Given for the Golang Meetup in Melbourne on December 18, 2017

Recently I had the opportunity to add a major1 feature to the Azure builder in Packer. This article is a written version of a presentation I gave about this at the Golang Melbourne meetup and is aimed at looking at the technical parts of that feature and how a builder actually works within Packer.

The problem

Before diving into the problem I’ll take a moment to explain what Packer is, just in case you’re not familiar with it. Packer is a tool to create virtual images for your virtual machines. Aside from being a good way to automate this creation, it also allows you to do this for multiple environments. That means that in theory you can use the same configuration to build a Docker image, an AWS AMI, a Virtualbox image, and many more.

The problem I ran into and that prompted this feature was in the Azure builder. In Azure, resources are grouped together into Resource Groups2. This is useful for many things, but sometimes you wish to restrict access for a user or process to a particular resource group. However, the Azure builder in Packer would always create a new resource group and delete this afterwards as part of the cleanup.
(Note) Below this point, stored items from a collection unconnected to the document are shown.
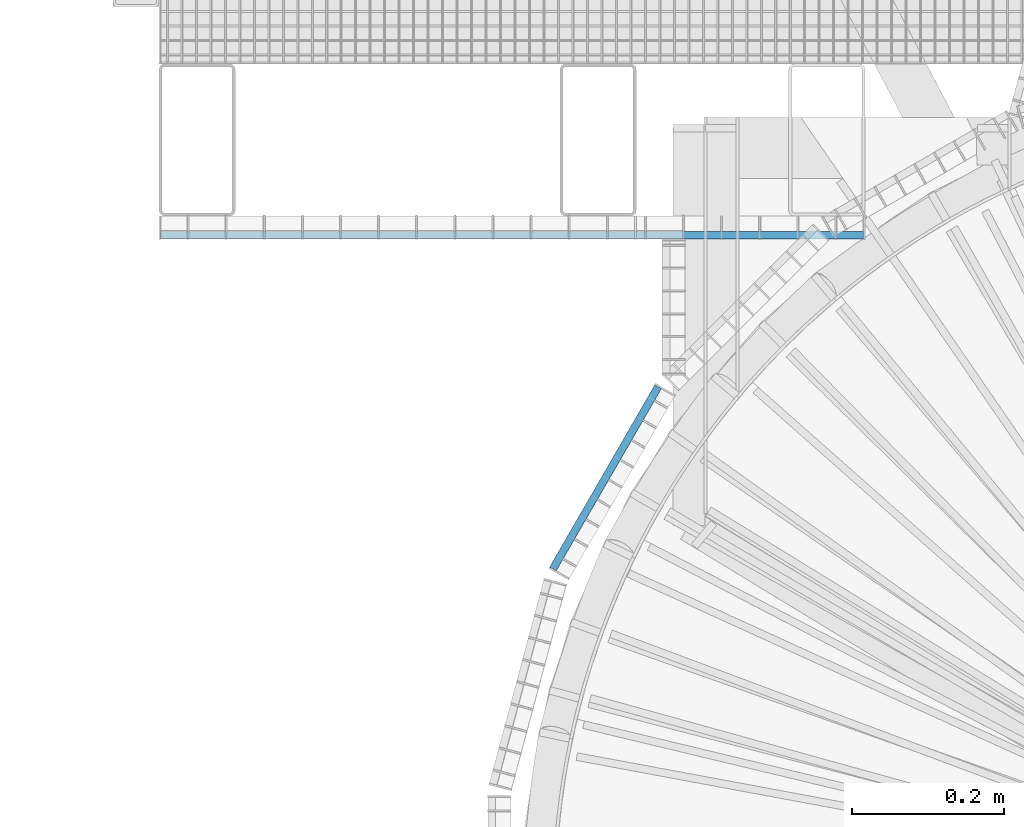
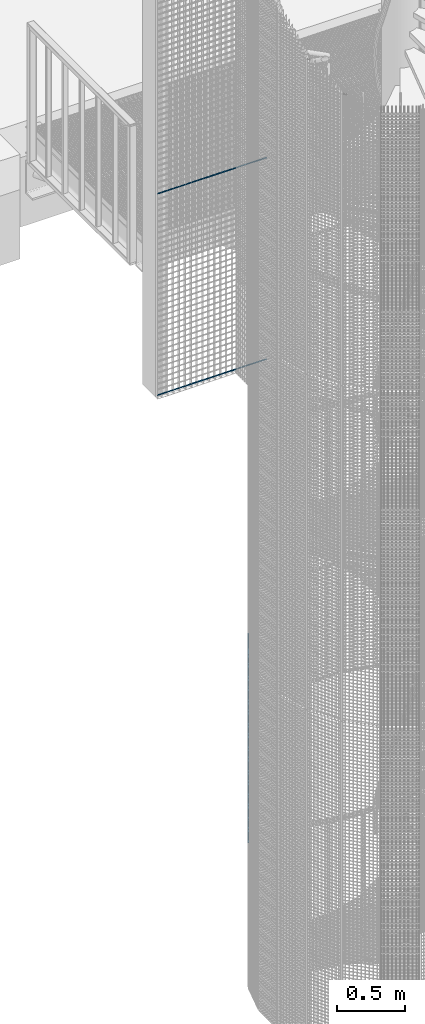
# One storey, part 216 of 1183: 59 beams, 2 elements without a shape of their own.
"""IFC2X3 building model written with IfcOpenShell, lengths in millimetres."""

from ifc_helpers import new_model, si_unit, frame, origin_with_axes, origin_2d_with_axis, place, context, subcontext, project, spatial, rectangle, extrude, material, type_object, element, aggregate, save


model = new_model("IFC2X3")

# Units and contexts
model_context = context("Model", 3, precision=1e-05, world=origin_with_axes())
body_context = subcontext(model_context, "Body", "Model", "MODEL_VIEW")
ifc_project = project(units=[si_unit("LENGTHUNIT", "METRE", prefix="MILLI"), si_unit("AREAUNIT", "SQUARE_METRE"), si_unit("VOLUMEUNIT", "CUBIC_METRE"), si_unit("MASSUNIT", "GRAM", prefix="KILO"), si_unit("TIMEUNIT", "SECOND"), si_unit("PLANEANGLEUNIT", "RADIAN"), si_unit("SOLIDANGLEUNIT", "STERADIAN"), si_unit("THERMODYNAMICTEMPERATUREUNIT", "DEGREE_CELSIUS"), si_unit("LUMINOUSINTENSITYUNIT", "LUMEN")], contexts=[model_context])

# Site, building, storey
site_placement = place(None, origin_with_axes())
site = spatial("IfcSite", under=ifc_project, at=site_placement, Name="Undefined", CompositionType="ELEMENT")
building_placement = place(site_placement, origin_with_axes())
building = spatial("IfcBuilding", under=site, at=building_placement, Name="Undefined", CompositionType="ELEMENT")
storey_placement = place(building_placement, origin_with_axes())
storey = spatial("IfcBuildingStorey", under=building, at=storey_placement, Name="Undefined", CompositionType="ELEMENT", Elevation=0.0)

# Assembly, beams
assembly_1_placement = place(storey_placement, origin_with_axes())
assembly_1 = element("IfcElementAssembly", 1, at=assembly_1_placement, inside=storey, Name="BORDURE", AssemblyPlace="NOTDEFINED", PredefinedType="NOTDEFINED")
ifc_material = material(Name="STEEL/S235JR")
beam_type = type_object("IfcBeamType", Name="PL2*10", PredefinedType="NOTDEFINED")
beam_1_placement = place(assembly_1_placement, frame((-1547.92041016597, 874.994689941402, 7004.998), z_axis=(0.0, -1.0, 0.0), x_axis=(1.0, 0.0, 0.0)))
beam_1 = element("IfcBeam", 2, at=beam_1_placement, type_object=beam_type, material=ifc_material, Name="ENTRETOISE", context=body_context, shape_type="SweptSolid", body=[
    extrude(rectangle(XDim=2.0, YDim=10.0, at=origin_2d_with_axis()), frame((922.0, 0.0, 0.0), z_axis=(-1.0, 0.0, 0.0), x_axis=(0.0, -1.0, 0.0)), (0.0, 0.0, 1.0), 922.0),
])
beam_2_placement = place(assembly_1_placement, frame((-1547.92041016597, 874.994689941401, 5204.998), z_axis=(0.0, -1.0, 0.0), x_axis=(1.0, 0.0, 0.0)))
beam_2 = element("IfcBeam", 3, at=beam_2_placement, type_object=beam_type, material=ifc_material, Name="ENTRETOISE", context=body_context, shape_type="SweptSolid", body=[
    extrude(rectangle(XDim=2.0, YDim=10.0, at=origin_2d_with_axis()), frame((922.0, 0.0, 0.0), z_axis=(-1.0, 0.0, 0.0), x_axis=(0.0, -1.0, 0.0)), (0.0, 0.0, 1.0), 922.0),
])
aggregate(assembly_1, [beam_1, beam_2])

assembly_2_placement = place(storey_placement, origin_with_axes())
assembly_2 = element("IfcElementAssembly", 4, at=assembly_2_placement, inside=storey, Name="BORDURE", AssemblyPlace="NOTDEFINED", PredefinedType="NOTDEFINED")
beam_3_placement = place(assembly_2_placement, frame((-895.303964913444, 676.248044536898, 2970.0), z_axis=(-0.866025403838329, 0.499999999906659, 0.0), x_axis=(-0.49999999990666, -0.866025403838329, 0.0)))
beam_3 = element("IfcBeam", 5, at=beam_3_placement, type_object=beam_type, material=ifc_material, Name="ENTRETOISE", context=body_context, shape_type="SweptSolid", body=[
    extrude(rectangle(XDim=2.0, YDim=10.0, at=origin_2d_with_axis()), frame((275.999999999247, 9.09494701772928e-13, 1.53210777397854e-14), z_axis=(-1.0, 0.0, 0.0), x_axis=(0.0, -1.0, 0.0)), (0.0, 0.0, 1.0), 276.0),
])
beam_4_placement = place(assembly_2_placement, frame((-895.303964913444, 676.248044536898, 2940.0), z_axis=(-0.866025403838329, 0.499999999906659, 0.0), x_axis=(-0.49999999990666, -0.866025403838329, 0.0)))
beam_4 = element("IfcBeam", 6, at=beam_4_placement, type_object=beam_type, material=ifc_material, Name="ENTRETOISE", context=body_context, shape_type="SweptSolid", body=[
    extrude(rectangle(XDim=2.0, YDim=10.0, at=origin_2d_with_axis()), frame((275.999999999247, 9.09494701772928e-13, 1.53210777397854e-14), z_axis=(-1.0, 0.0, 0.0), x_axis=(0.0, -1.0, 0.0)), (0.0, 0.0, 1.0), 276.0),
])
beam_5_placement = place(assembly_2_placement, frame((-895.303964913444, 676.248044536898, 2910.0), z_axis=(-0.866025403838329, 0.499999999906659, 0.0), x_axis=(-0.49999999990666, -0.866025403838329, 0.0)))
beam_5 = element("IfcBeam", 7, at=beam_5_placement, type_object=beam_type, material=ifc_material, Name="ENTRETOISE", context=body_context, shape_type="SweptSolid", body=[
    extrude(rectangle(XDim=2.0, YDim=10.0, at=origin_2d_with_axis()), frame((275.999999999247, 9.09494701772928e-13, 1.53210777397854e-14), z_axis=(-1.0, 0.0, 0.0), x_axis=(0.0, -1.0, 0.0)), (0.0, 0.0, 1.0), 276.0),
])
beam_6_placement = place(assembly_2_placement, frame((-895.303964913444, 676.248044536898, 2880.0), z_axis=(-0.866025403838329, 0.499999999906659, 0.0), x_axis=(-0.49999999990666, -0.866025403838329, 0.0)))
beam_6 = element("IfcBeam", 8, at=beam_6_placement, type_object=beam_type, material=ifc_material, Name="ENTRETOISE", context=body_context, shape_type="SweptSolid", body=[
    extrude(rectangle(XDim=2.0, YDim=10.0, at=origin_2d_with_axis()), frame((275.999999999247, 9.09494701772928e-13, 1.53210777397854e-14), z_axis=(-1.0, 0.0, 0.0), x_axis=(0.0, -1.0, 0.0)), (0.0, 0.0, 1.0), 276.0),
])
beam_7_placement = place(assembly_2_placement, frame((-895.303964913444, 676.248044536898, 2850.0), z_axis=(-0.866025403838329, 0.499999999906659, 0.0), x_axis=(-0.49999999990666, -0.866025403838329, 0.0)))
beam_7 = element("IfcBeam", 9, at=beam_7_placement, type_object=beam_type, material=ifc_material, Name="ENTRETOISE", context=body_context, shape_type="SweptSolid", body=[
    extrude(rectangle(XDim=2.0, YDim=10.0, at=origin_2d_with_axis()), frame((275.999999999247, 9.09494701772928e-13, 1.53210777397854e-14), z_axis=(-1.0, 0.0, 0.0), x_axis=(0.0, -1.0, 0.0)), (0.0, 0.0, 1.0), 276.0),
])
beam_8_placement = place(assembly_2_placement, frame((-895.303964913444, 676.248044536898, 2820.0), z_axis=(-0.866025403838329, 0.499999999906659, 0.0), x_axis=(-0.49999999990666, -0.866025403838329, 0.0)))
beam_8 = element("IfcBeam", 10, at=beam_8_placement, type_object=beam_type, material=ifc_material, Name="ENTRETOISE", context=body_context, shape_type="SweptSolid", body=[
    extrude(rectangle(XDim=2.0, YDim=10.0, at=origin_2d_with_axis()), frame((275.999999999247, 9.09494701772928e-13, 1.53210777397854e-14), z_axis=(-1.0, 0.0, 0.0), x_axis=(0.0, -1.0, 0.0)), (0.0, 0.0, 1.0), 276.0),
])
beam_9_placement = place(assembly_2_placement, frame((-895.303964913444, 676.248044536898, 2790.0), z_axis=(-0.866025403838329, 0.499999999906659, 0.0), x_axis=(-0.49999999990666, -0.866025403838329, 0.0)))
beam_9 = element("IfcBeam", 11, at=beam_9_placement, type_object=beam_type, material=ifc_material, Name="ENTRETOISE", context=body_context, shape_type="SweptSolid", body=[
    extrude(rectangle(XDim=2.0, YDim=10.0, at=origin_2d_with_axis()), frame((275.999999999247, 9.09494701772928e-13, 1.53210777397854e-14), z_axis=(-1.0, 0.0, 0.0), x_axis=(0.0, -1.0, 0.0)), (0.0, 0.0, 1.0), 276.0),
])
beam_10_placement = place(assembly_2_placement, frame((-895.303964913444, 676.248044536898, 2760.0), z_axis=(-0.866025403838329, 0.499999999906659, 0.0), x_axis=(-0.49999999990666, -0.866025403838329, 0.0)))
beam_10 = element("IfcBeam", 12, at=beam_10_placement, type_object=beam_type, material=ifc_material, Name="ENTRETOISE", context=body_context, shape_type="SweptSolid", body=[
    extrude(rectangle(XDim=2.0, YDim=10.0, at=origin_2d_with_axis()), frame((275.999999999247, 9.09494701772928e-13, 1.53210777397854e-14), z_axis=(-1.0, 0.0, 0.0), x_axis=(0.0, -1.0, 0.0)), (0.0, 0.0, 1.0), 276.0),
])
beam_11_placement = place(assembly_2_placement, frame((-895.303964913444, 676.248044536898, 2730.0), z_axis=(-0.866025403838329, 0.499999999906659, 0.0), x_axis=(-0.49999999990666, -0.866025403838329, 0.0)))
beam_11 = element("IfcBeam", 13, at=beam_11_placement, type_object=beam_type, material=ifc_material, Name="ENTRETOISE", context=body_context, shape_type="SweptSolid", body=[
    extrude(rectangle(XDim=2.0, YDim=10.0, at=origin_2d_with_axis()), frame((275.999999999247, 9.09494701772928e-13, 1.53210777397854e-14), z_axis=(-1.0, 0.0, 0.0), x_axis=(0.0, -1.0, 0.0)), (0.0, 0.0, 1.0), 276.0),
])
beam_12_placement = place(assembly_2_placement, frame((-895.303964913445, 676.248044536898, 2700.0), z_axis=(-0.866025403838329, 0.499999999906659, 0.0), x_axis=(-0.49999999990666, -0.866025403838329, 0.0)))
beam_12 = element("IfcBeam", 14, at=beam_12_placement, type_object=beam_type, material=ifc_material, Name="ENTRETOISE", context=body_context, shape_type="SweptSolid", body=[
    extrude(rectangle(XDim=2.0, YDim=10.0, at=origin_2d_with_axis()), frame((275.999999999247, 9.09494701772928e-13, 1.53210777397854e-14), z_axis=(-1.0, 0.0, 0.0), x_axis=(0.0, -1.0, 0.0)), (0.0, 0.0, 1.0), 276.0),
])
beam_13_placement = place(assembly_2_placement, frame((-895.303964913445, 676.248044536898, 2670.0), z_axis=(-0.866025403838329, 0.499999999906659, 0.0), x_axis=(-0.49999999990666, -0.866025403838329, 0.0)))
beam_13 = element("IfcBeam", 15, at=beam_13_placement, type_object=beam_type, material=ifc_material, Name="ENTRETOISE", context=body_context, shape_type="SweptSolid", body=[
    extrude(rectangle(XDim=2.0, YDim=10.0, at=origin_2d_with_axis()), frame((275.999999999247, 9.09494701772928e-13, 1.53210777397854e-14), z_axis=(-1.0, 0.0, 0.0), x_axis=(0.0, -1.0, 0.0)), (0.0, 0.0, 1.0), 276.0),
])
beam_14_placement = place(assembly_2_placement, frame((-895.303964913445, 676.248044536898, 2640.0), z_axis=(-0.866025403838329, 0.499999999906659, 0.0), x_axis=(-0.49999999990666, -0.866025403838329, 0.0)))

Technically speaking, it was possible to provide the name of an existing resource group, and while it then wouldn’t need to create a resource group it would still remove it afterwards. Which might result in a, let’s say, less than perfect situation as everything else in that resource group was also removed.

The solution

The cleanest way to solve this was to leave the existing path alone and instead add a second path. This second path will then skip the “Create Resource Group” step and immediately deploy the required infrastructure for the build into the existing resource group. Thus far this behaves similar to the existing path, and the biggest change is therefore in the cleanup. Instead of simply destroying the entire resource group, the code will go through everything that was created3 and delete it in reverse order.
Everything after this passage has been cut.